JurnalPatroliNews – Jakarta – Komisi X DPR RI menilai tingkat kesejahteraan guru—terutama guru honorer—masih memprihatinkan dan perlu menjadi perhatian serius negara. Pasalnya, hingga kini masih banyak guru honorer yang menerima upah di bawah Rp500 ribu per bulan.

Dalam sejumlah kasus, pembayaran gaji pun disebut tidak menentu, bahkan ada yang baru diterima setiap tiga sampai enam bulan. Sebagian lainnya juga mengalami pemotongan.

Wakil Ketua Komisi X DPR RI dari Fraksi PKB, Lalu Hadrian Irfani, mengatakan kondisi tersebut tidak sepadan dengan peran strategis guru dalam pendidikan nasional. Ia menilai, realitas di lapangan menunjukkan kesejahteraan guru masih jauh dari harapan.

“Kita harus jujur mengakui kesejahteraan guru kita hari ini masih jauh dari harapan. Ini memprihatinkan dan tidak sebanding dengan peran besar guru,” ujar Lalu Hadrian kepada wartawan, Jumat, 23 Januari 2026.

Ia memaparkan, APBN saat ini berada di kisaran Rp3.500 triliun, dengan alokasi mandatory spending pendidikan 20 persen atau sekitar Rp750 triliun. Namun, menurutnya, besarnya anggaran itu belum terasa manfaat langsungnya bagi para pendidik.

Berdasarkan hitung-hitungan Komisi X, Lalu Hadrian menyebut jika porsi 20 persen anggaran pendidikan benar-benar digunakan optimal untuk kepentingan pendidikan, maka gaji ideal guru honorer seharusnya bisa ditetapkan setidaknya Rp5 juta per bulan. Ia menilai angka tersebut layak mengingat beban mengajar, tantangan di lapangan, serta situasi ekonomi yang masih penuh ketidakpastian.

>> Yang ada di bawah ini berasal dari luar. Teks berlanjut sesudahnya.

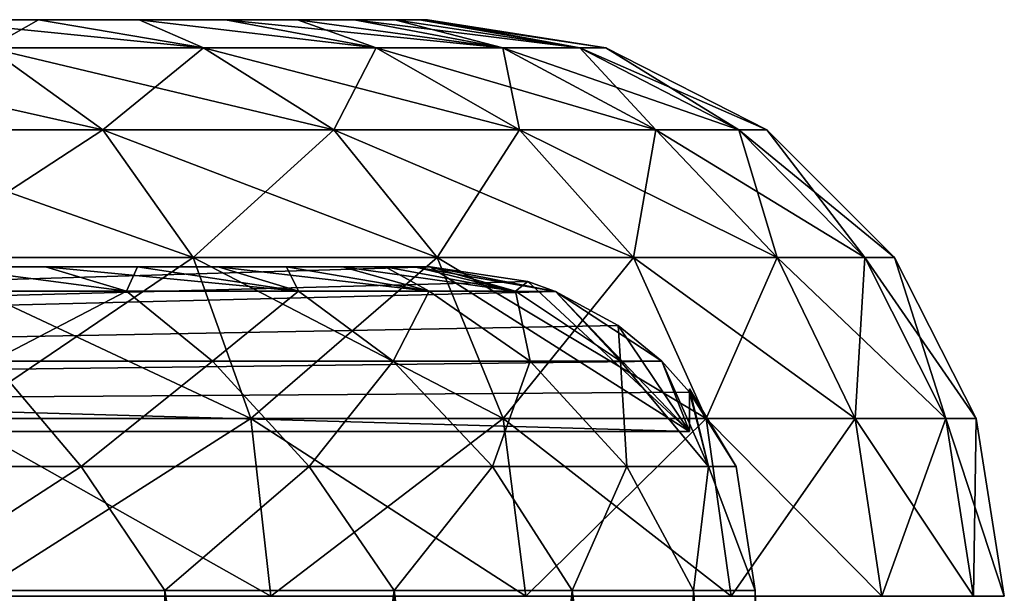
# Model space of a CAD drawing. Header units: millimetres. Extents: x -36.5 to 36.5, y -8.8 to 41.6.
# Tile 428 of 428: x 29 to 35, y 38.1 to 41.6. Entities that reach past the tile are written whole.
import ezdxf

# ---------------------------------------------------------------- set-up
doc = ezdxf.new("R2010")
doc.units = ezdxf.units.MM
doc.header["$LTSCALE"] = 65.185185
for name, color, linetype in [('323', 7, 'CONTINUOUS'), ('328', 7, 'CONTINUOUS'), ('339', 7, 'CONTINUOUS'), ('375', 7, 'CONTINUOUS'), ('376', 7, 'CONTINUOUS'), ('377', 7, 'CONTINUOUS'), ('382', 7, 'CONTINUOUS'), ('385', 7, 'CONTINUOUS'), ('396', 7, 'CONTINUOUS')]:
    doc.layers.add(name, color=color, linetype=linetype)

msp = doc.modelspace()

# ---------------------------------------------------------------- linework, layer by layer
at = {"layer": '323', "color": 7, "linetype": 'Continuous'}
for points in [[(29.1377, 41.6, -7.0493), (28.4486, 41.6, -7.8797), (29.1377, 41.6, 7.0493), (29.1377, 41.6, -7.0493)], [(29.1377, 41.6, 7.0493), (28.4486, 41.6, -7.8797), (28.4486, 41.6, 7.8797), (29.1377, 41.6, 7.0493)], [(29.7494, 41.6, -6.156), (29.1377, 41.6, -7.0493), (29.7494, 41.6, 6.156), (29.7494, 41.6, -6.156)], [(29.7494, 41.6, 6.156), (29.1377, 41.6, -7.0493), (29.1377, 41.6, 7.0493), (29.7494, 41.6, 6.156)], [(30.2741, 41.6, -5.2132), (29.7494, 41.6, -6.156), (30.2741, 41.6, 5.2132), (30.2741, 41.6, -5.2132)], [(30.2741, 41.6, 5.2132), (29.7494, 41.6, -6.156), (29.7494, 41.6, 6.156), (30.2741, 41.6, 5.2132)], [(30.7111, 41.6, -4.2234), (30.2741, 41.6, -5.2132), (30.7111, 41.6, 4.2235), (30.7111, 41.6, -4.2234)], [(30.7111, 41.6, 4.2235), (30.2741, 41.6, -5.2132), (30.2741, 41.6, 5.2132), (30.7111, 41.6, 4.2235)], [(31.0536, 41.6, -3.2003), (30.7111, 41.6, -4.2234), (31.0536, 41.6, 3.2003), (31.0536, 41.6, -3.2003)], [(31.0536, 41.6, 3.2003), (30.7111, 41.6, -4.2234), (30.7111, 41.6, 4.2235), (31.0536, 41.6, 3.2003)], [(31.3011, 41.6, -2.148), (31.0536, 41.6, -3.2003), (31.3011, 41.6, 2.148), (31.3011, 41.6, -2.148)], [(31.3011, 41.6, 2.148), (31.0536, 41.6, -3.2003), (31.0536, 41.6, 3.2003), (31.3011, 41.6, 2.148)], [(31.4499, 41.6, -1.0789), (31.3011, 41.6, -2.148), (31.4499, 41.6, 1.0789), (31.4499, 41.6, -1.0789)], [(31.4499, 41.6, 1.0789), (31.3011, 41.6, -2.148), (31.3011, 41.6, 2.148), (31.4499, 41.6, 1.0789)], [(31.5, 41.6, 0), (31.4499, 41.6, -1.0789), (31.4499, 41.6, 1.0789), (31.5, 41.6, 0)]]:
    msp.add_3dface(points, dxfattribs=at)
at = {"layer": '328', "color": 7, "linetype": 'Continuous'}
for points in [[(31.4199, 40.1, -1.6355), (31.5166, 40.1, -0.65), (-1.9111, 40.1, -0.65), (31.4199, 40.1, -1.6355)], [(28.5546, 40.1, -7.814), (29.1806, 40.1, -7.0498), (-1.9111, 40.1, -0.65), (28.5546, 40.1, -7.814)], [(29.1806, 40.1, -7.0498), (29.7404, 40.1, -6.2361), (-1.9111, 40.1, -0.65), (29.1806, 40.1, -7.0498)], [(29.7404, 40.1, -6.2361), (30.2293, 40.1, -5.3782), (-1.9111, 40.1, -0.65), (29.7404, 40.1, -6.2361)], [(30.2293, 40.1, -5.3782), (30.6447, 40.1, -4.4825), (-1.9111, 40.1, -0.65), (30.2293, 40.1, -5.3782)], [(30.6447, 40.1, -4.4825), (30.9829, 40.1, -3.5551), (-1.9111, 40.1, -0.65), (30.6447, 40.1, -4.4825)], [(30.9829, 40.1, -3.5551), (31.2423, 40.1, -2.6028), (-1.9111, 40.1, -0.65), (30.9829, 40.1, -3.5551)], [(31.2423, 40.1, -2.6028), (31.4199, 40.1, -1.6355), (-1.9111, 40.1, -0.65), (31.2423, 40.1, -2.6028)], [(31.5166, 40.1, 0.65), (2.5981, 40.1, 11.7346), (-1.9111, 40.1, 9.0927), (31.5166, 40.1, 0.65)], [(31.5166, 40.1, 0.65), (-1.9111, 40.1, 9.0927), (-1.9111, 40.1, 0.65), (31.5166, 40.1, 0.65)], [(31.5166, 40.1, 0.65), (19.8, 40.1, 11.7346), (2.5981, 40.1, 11.7346), (31.5166, 40.1, 0.65)], [(31.5166, 40.1, 0.65), (20.7895, 40.1, 11.6926), (19.8, 40.1, 11.7346), (31.5166, 40.1, 0.65)], [(31.5166, 40.1, 0.65), (21.7656, 40.1, 11.5688), (20.7895, 40.1, 11.6926), (31.5166, 40.1, 0.65)], [(31.5166, 40.1, 0.65), (22.7317, 40.1, 11.3622), (21.7656, 40.1, 11.5688), (31.5166, 40.1, 0.65)], [(31.5166, 40.1, 0.65), (23.6773, 40.1, 11.0755), (22.7317, 40.1, 11.3622), (31.5166, 40.1, 0.65)], [(31.5166, 40.1, 0.65), (24.5953, 40.1, 10.7098), (23.6773, 40.1, 11.0755), (31.5166, 40.1, 0.65)], [(31.5166, 40.1, 0.65), (25.4794, 40.1, 10.2686), (24.5953, 40.1, 10.7098), (31.5166, 40.1, 0.65)], [(31.5166, 40.1, 0.65), (26.3231, 40.1, 9.7542), (25.4794, 40.1, 10.2686), (31.5166, 40.1, 0.65)], [(31.5166, 40.1, 0.65), (27.1207, 40.1, 9.1711), (26.3231, 40.1, 9.7542), (31.5166, 40.1, 0.65)], [(31.5166, 40.1, 0.65), (27.8661, 40.1, 8.5225), (27.1207, 40.1, 9.1711), (31.5166, 40.1, 0.65)], [(31.5166, 40.1, 0.65), (28.5546, 40.1, 7.814), (27.8661, 40.1, 8.5225), (31.5166, 40.1, 0.65)], [(31.5166, 40.1, 0.65), (29.1806, 40.1, 7.0498), (28.5546, 40.1, 7.814), (31.5166, 40.1, 0.65)], [(31.5166, 40.1, 0.65), (29.7404, 40.1, 6.2361), (29.1806, 40.1, 7.0498), (31.5166, 40.1, 0.65)], [(31.5166, 40.1, 0.65), (30.2293, 40.1, 5.3782), (29.7404, 40.1, 6.2361), (31.5166, 40.1, 0.65)], [(31.5166, 40.1, 0.65), (30.6447, 40.1, 4.4825), (30.2293, 40.1, 5.3782), (31.5166, 40.1, 0.65)], [(31.5166, 40.1, 0.65), (30.9829, 40.1, 3.5551), (30.6447, 40.1, 4.4825), (31.5166, 40.1, 0.65)], [(31.5166, 40.1, 0.65), (31.2423, 40.1, 2.6028), (30.9829, 40.1, 3.5551), (31.5166, 40.1, 0.65)], [(31.5166, 40.1, 0.65), (31.4199, 40.1, 1.6355), (31.2423, 40.1, 2.6028), (31.5166, 40.1, 0.65)]]:
    msp.add_3dface(points, dxfattribs=at)
at = {"layer": '339', "color": 7, "linetype": 'Continuous'}
for points in [[(28.4486, 41.6, -7.8797), (29.1377, 41.6, -7.0493), (28.8379, 41.4287, -9.0379), (28.4486, 41.6, -7.8797)], [(29.1377, 41.6, 7.0493), (28.4486, 41.6, 7.8797), (30.1405, 41.4287, 7.5128), (29.1377, 41.6, 7.0493)], [(30.1405, 41.4287, 7.5128), (28.4486, 41.6, 7.8797), (28.8379, 41.4287, 9.0379), (30.1405, 41.4287, 7.5128)], [(28.8379, 41.4287, -9.0379), (29.1377, 41.6, -7.0493), (30.1405, 41.4287, -7.5128), (28.8379, 41.4287, -9.0379)], [(29.1377, 41.6, -7.0493), (29.7494, 41.6, -6.156), (30.1405, 41.4287, -7.5128), (29.1377, 41.6, -7.0493)], [(29.7494, 41.6, 6.156), (29.1377, 41.6, 7.0493), (30.1405, 41.4287, 7.5128), (29.7494, 41.6, 6.156)], [(29.7494, 41.6, -6.156), (30.2741, 41.6, -5.2132), (31.1885, 41.4287, -5.8027), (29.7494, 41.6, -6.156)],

Lalu Hadrian menegaskan, Komisi X DPR memiliki kewajiban konstitusional untuk mengawal agar belanja pendidikan tepat sasaran. Fokus pengawasan mencakup pemenuhan amanat konstitusi untuk kepentingan pendidikan nasional, kesejahteraan guru, penyediaan sarana-prasarana, peningkatan mutu pendidik, hingga peningkatan kualitas peserta didik.

Ia berharap ke depan kebijakan anggaran pendidikan semakin berpihak pada guru sebagai ujung tombak pembangunan sumber daya manusia Indonesia.